Richard McFarlane, the artist, passed away aged 17 in 1991 after being diagnosed with Duchenne muscular dystrophy at the age of 5. According to the original article, McFarlane was a huge fan of computers and was a talented Deluxe Paint artist on his Amiga 500, but following his death, his computer was left unused and gathered dust.
It was only when his sister Tamsin saw a new computer museum was opening thirty years later and accepting donations that the family decided to dig it out of storage and give it to its new home.
The museum creator Rob Watson accepted the machine, as well as some posters McFarlane had collected from video games he liked, and after some technical trickery was able to restore the art. He even decided to incorporate it into its very own exhibit within the museum.
According to the Derby Telegraph, the museum put on a private tour of the museum this week for the family (on November 15th), with Richard's relatives also being presented with framed artwork that he had produced.

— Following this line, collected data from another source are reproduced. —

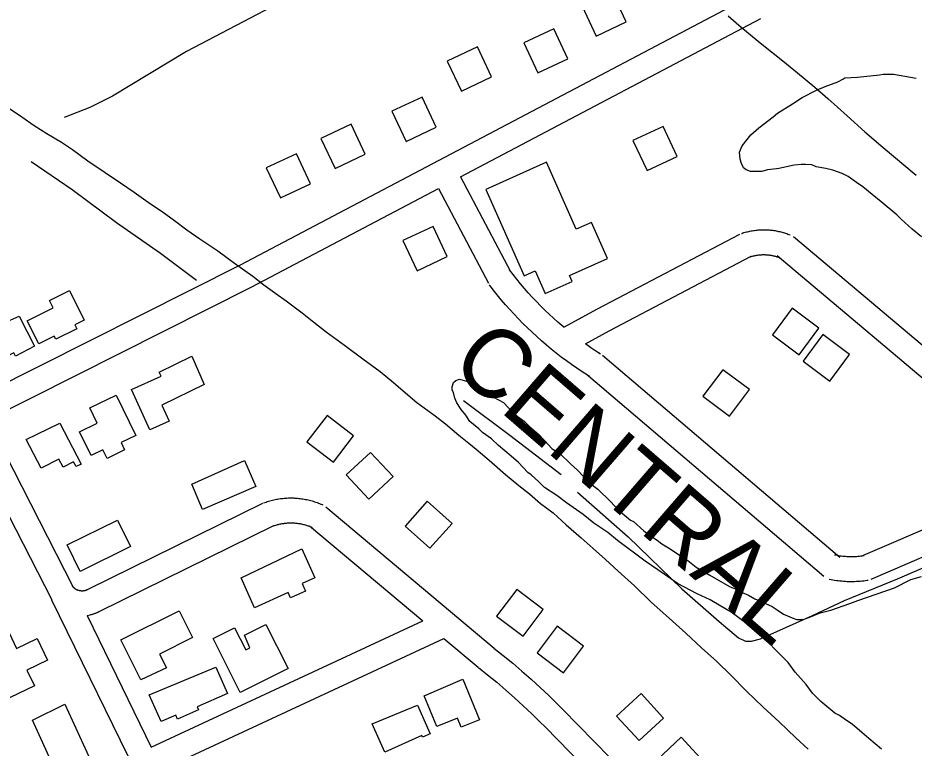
# Model space of a CAD drawing. Extents: x 3540316 to 3578335, y 553172 to 578787.
# Drawn here: x 3551062 to 3552140, y 567972 to 568851 of the extents above; entities that cross this region are included whole.
import ezdxf

# ---------------------------------------------------------------- set-up
doc = ezdxf.new("R2010")
doc.units = 0
for name, color, linetype in [('V-BLDG-OTLN', 7, 'Continuous'), ('V-RAIL-IDEN', 7, 'Continuous'), ('V-RAIL-TRAK', 7, 'Continuous'), ('V-ROAD-CNTR', 7, 'Continuous'), ('V-SITE-VEGE', 7, 'Continuous'), ('V-TOPO-SHOR', 7, 'Continuous')]:
    doc.layers.add(name, color=color, linetype=linetype)

msp = doc.modelspace()

# ---------------------------------------------------------------- linework, layer by layer
at = {"layer": 'V-BLDG-OTLN'}
for points in [[(3551757.7, 568828.8), (3551793.9, 568845.8), (3551776.9, 568882), (3551740.7, 568865)], [(3551687.6, 568784.4), (3551723.8, 568801.4), (3551706.8, 568837.7), (3551670.6, 568820.7)], [(3551595.6, 568762.6), (3551631.8, 568779.6), (3551614.8, 568815.8), (3551578.6, 568798.8)], [(3551529.1, 568702.1), (3551565.3, 568719.1), (3551548.3, 568755.3), (3551512.1, 568738.3)], [(3551443.6, 568669.5), (3551479.8, 568686.5), (3551462.8, 568722.7), (3551426.6, 568705.7)], [(3551819, 568666.8), (3551855.2, 568683.8), (3551838.2, 568720), (3551802, 568703)], [(3551377.9, 568634), (3551414.1, 568651), (3551397.1, 568687.2), (3551360.9, 568670.2)], [(3551624.9, 568644.3), (3551671.2, 568540.2), (3551684.4, 568546.1), (3551696.5, 568518.9), (3551728.8, 568533.3), (3551725.6, 568540.5), (3551771.5, 568560.9), (3551752.1, 568604.5), (3551733.8, 568596.4), (3551698, 568676.9)], [(3551542.3, 568546.4), (3551578.5, 568563.4), (3551561.5, 568599.6), (3551525.3, 568582.6)], [(3551073.3, 568486), (3551104.4, 568501.5), (3551100, 568510.4), (3551123.9, 568522.4), (3551141.7, 568486.8), (3551130.6, 568481.2), (3551132.9, 568476.5), (3551107.6, 568463.9), (3551105.7, 568467.6), (3551087.1, 568458.3)], [(3551063.4, 568491.5), (3551081.9, 568455.5), (3551059, 568443.7), (3551057, 568447.6), (3551023.8, 568430.6), (3551006.8, 568463.8), (3551026.6, 568473.9), (3551021.9, 568483.1), (3551040.9, 568492.9), (3551045.5, 568483.8)], [(3551993.7, 568501.2), (3551969.8, 568469.1), (3552001.9, 568445.2), (3552025.8, 568477.2)], [(3552030.6, 568469.4), (3552006.7, 568437.3), (3552038.7, 568413.4), (3552062.7, 568445.4)], [(3551271.3, 568443.4), (3551286.1, 568409.5), (3551235, 568384.6), (3551244, 568365.2), (3551220.9, 568354.7), (3551198.8, 568403.4), (3551234.3, 568419.5), (3551232, 568424.4)], [(3551910.2, 568427.2), (3551886.2, 568395.2), (3551918.3, 568371.2), (3551942.2, 568403.3)], [(3551148.6, 568381.3), (3551180.3, 568396.7), (3551203.9, 568348.2), (3551186.1, 568339.6), (3551190.4, 568330.7), (3551169.3, 568320.4), (3551164.3, 568330.8), (3551150.2, 568324), (3551136.3, 568352.5), (3551157.4, 568362.7)], [(3551112.5, 568363), (3551138.3, 568313.7), (3551132.2, 568310.5), (3551129.1, 568316.5), (3551116.4, 568309.9), (3551111.3, 568319.6), (3551090.2, 568308.5), (3551071.8, 568343.4)], [(3551465.9, 568347.8), (3551434.1, 568372.1), (3551409.8, 568340.4), (3551441.6, 568316.1)], [(3551513.4, 568298.5), (3551486.1, 568327.7), (3551456.9, 568300.5), (3551484.2, 568271.2)], [(3551271.1, 568289.4), (3551334.5, 568318.1), (3551348.1, 568286.7), (3551284.3, 568259)], [(3551584.4, 568242.2), (3551554.6, 568268.9), (3551527.9, 568239), (3551557.8, 568212.4)], [(3551181.8, 568246.2), (3551197.5, 568214.5), (3551136.9, 568184.4), (3551121.1, 568216.3)], [(3551403.5, 568211.6), (3551419.2, 568176.8), (3551404, 568169.9), (3551408.2, 568160.7), (3551390.1, 568152.5), (3551387.3, 568158.9), (3551346.7, 568140.6), (3551330.5, 568176.5)], [(3551694, 568138.5), (3551662.1, 568162.6), (3551638, 568130.7), (3551669.9, 568106.6)], [(3551240.6, 568068.4), (3551209.8, 568053.9), (3551185.8, 568101.9), (3551255.9, 568137), (3551272, 568104.8), (3551232.3, 568085)], [(3551009.4, 568071.2), (3550995.8, 568099.6), (3551045.3, 568123.3), (3551060.4, 568091.8), (3551085.3, 568103.7), (3551097.8, 568077.7), (3551072.7, 568065.7), (3551081.8, 568046.6), (3551002.2, 568008.6), (3550997.8, 568017.8), (3551013.1, 568025), (3551011.4, 568029), (3551037.2, 568040.2), (3551019.5, 568076.2)], [(3551334.5, 568107.8), (3551360.4, 568120.7), (3551387, 568067.5), (3551329.6, 568038.8), (3551297.1, 568103.8), (3551322.7, 568116.6), (3551336.1, 568089.9), (3551341, 568092.4)], [(3551742.6, 568094.4), (3551710.7, 568118.5), (3551686.6, 568086.6), (3551718.5, 568062.5)], [(3551220, 568036), (3551300.2, 568069.3), (3551314.3, 568037.4), (3551277.7, 568021.3), (3551279.3, 568017.7), (3551254.2, 568006.6), (3551252, 568011.5), (3551234.5, 568003.7)], [(3551551, 568034.5), (3551597.5, 568054.8), (3551617.5, 568005.8), (3551595.5, 567996.9), (3551591.1, 568007.8), (3551566.1, 567997.6)], [(3551838.9, 568007.9), (3551811.7, 568037.3), (3551782.3, 568010.1), (3551809.5, 567980.7)], [(3551118.4, 568024.5), (3551149.2, 567957.3), (3551109.8, 567939.3), (3551079.7, 568005.4)], [(3551542.7, 568023.4), (3551558.1, 567989), (3551548.9, 567984.9), (3551548, 567986.9), (3551503.5, 567967), (3551488.4, 568000.8)], [(3551887.4, 567955.4), (3551860.1, 567984.7), (3551830.9, 567957.4), (3551858.1, 567928.1)]]:
    msp.add_lwpolyline(points, close=True, dxfattribs=at)
at = {"layer": 'V-RAIL-TRAK'}
for points in [[(3551916.6, 568853), (3551929.4, 568842.1), (3551955.1, 568820.6), (3551982.5, 568799.2), (3552000.1, 568784.4), (3552020.8, 568767.4), (3552036.5, 568753.5), (3552059.9, 568733), (3552080.9, 568713.4), (3552102.9, 568694.7), (3552142.9, 568661.4)], [(3551048.2, 568743.9), (3551066.6, 568731.7), (3551081.5, 568721.2), (3551097, 568711.7), (3551114.3, 568701.1), (3551127.8, 568692.1), (3551146, 568678.6), (3551167.2, 568664.4), (3551185.4, 568652), (3551201.8, 568641), (3551221.7, 568627), (3551235.4, 568617.6), (3551250.3, 568606.8), (3551265.1, 568595.7), (3551281.1, 568584.7), (3551302.7, 568570.5), (3551322.7, 568555.5), (3551344.7, 568540), (3551357.8, 568529.3), (3551372.2, 568519), (3551384.8, 568510), (3551403.9, 568495.5), (3551418.1, 568484.3), (3551433, 568472.6), (3551454.8, 568456.6), (3551476.9, 568440.4), (3551497.8, 568425.1), (3551514, 568411.8), (3551525.4, 568401.9), (3551541.9, 568387.9), (3551563.9, 568371.7), (3551576.6, 568362.1), (3551592.5, 568348.3), (3551604.4, 568338.7), (3551613.2, 568331.5), (3551629.2, 568318.2), (3551648.6, 568301), (3551664.7, 568287.8), (3551677.4, 568277.6), (3551690.9, 568266.2), (3551705.9, 568254.9), (3551721.5, 568240.5), (3551739.5, 568225), (3551754.3, 568212.1), (3551768.9, 568198.8), (3551784.2, 568184.6), (3551803.8, 568167.1), (3551823.9, 568147.5), (3551845.7, 568128.2), (3551865.7, 568110.2), (3551884.4, 568092.6), (3551902.8, 568075.9), (3551919.7, 568059.5), (3551938.6, 568040.1), (3551958.6, 568021.2), (3551978, 568003.4), (3551998, 567983.9), (3552012.7, 567970.3)]]:
    msp.add_lwpolyline(points, dxfattribs=at)
at = {"layer": 'V-ROAD-CNTR'}
for points in [[(3550124.8, 567946.9), (3551329.8, 568553.5), (3551941.9, 568876.5)], [(3551594.6, 568659.3), (3551955.9, 568850)], [(3551594.6, 568659.3), (3551654.6, 568545.5)], [(3551025.4, 568366.7), (3551343.5, 568526.8), (3551568.1, 568645.3)], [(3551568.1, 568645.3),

His sister Tamsin told the Derby Telegraph:
“We knew all the pictures were on there but we hadn’t seen them for 30 years. It was bizarre seeing it all. It’s been lovely and what the guys have done has been amazing because it’s just brought back so many memories. The amount of care and attention that’s been given to his little memorials and everything.”
If you want to see McFarlane's art for yourself, the museum opens to the public on December 3rd to the public. Derby Computer Museum is a registered charity and will operate out of the second and third floors of 3-4 Iron Gate in Derby. It will feature numerous rooms covering Japanese video games, 70s/80s microcomputers, British computer gaming history, PC and Apple exhibits, and computers in music.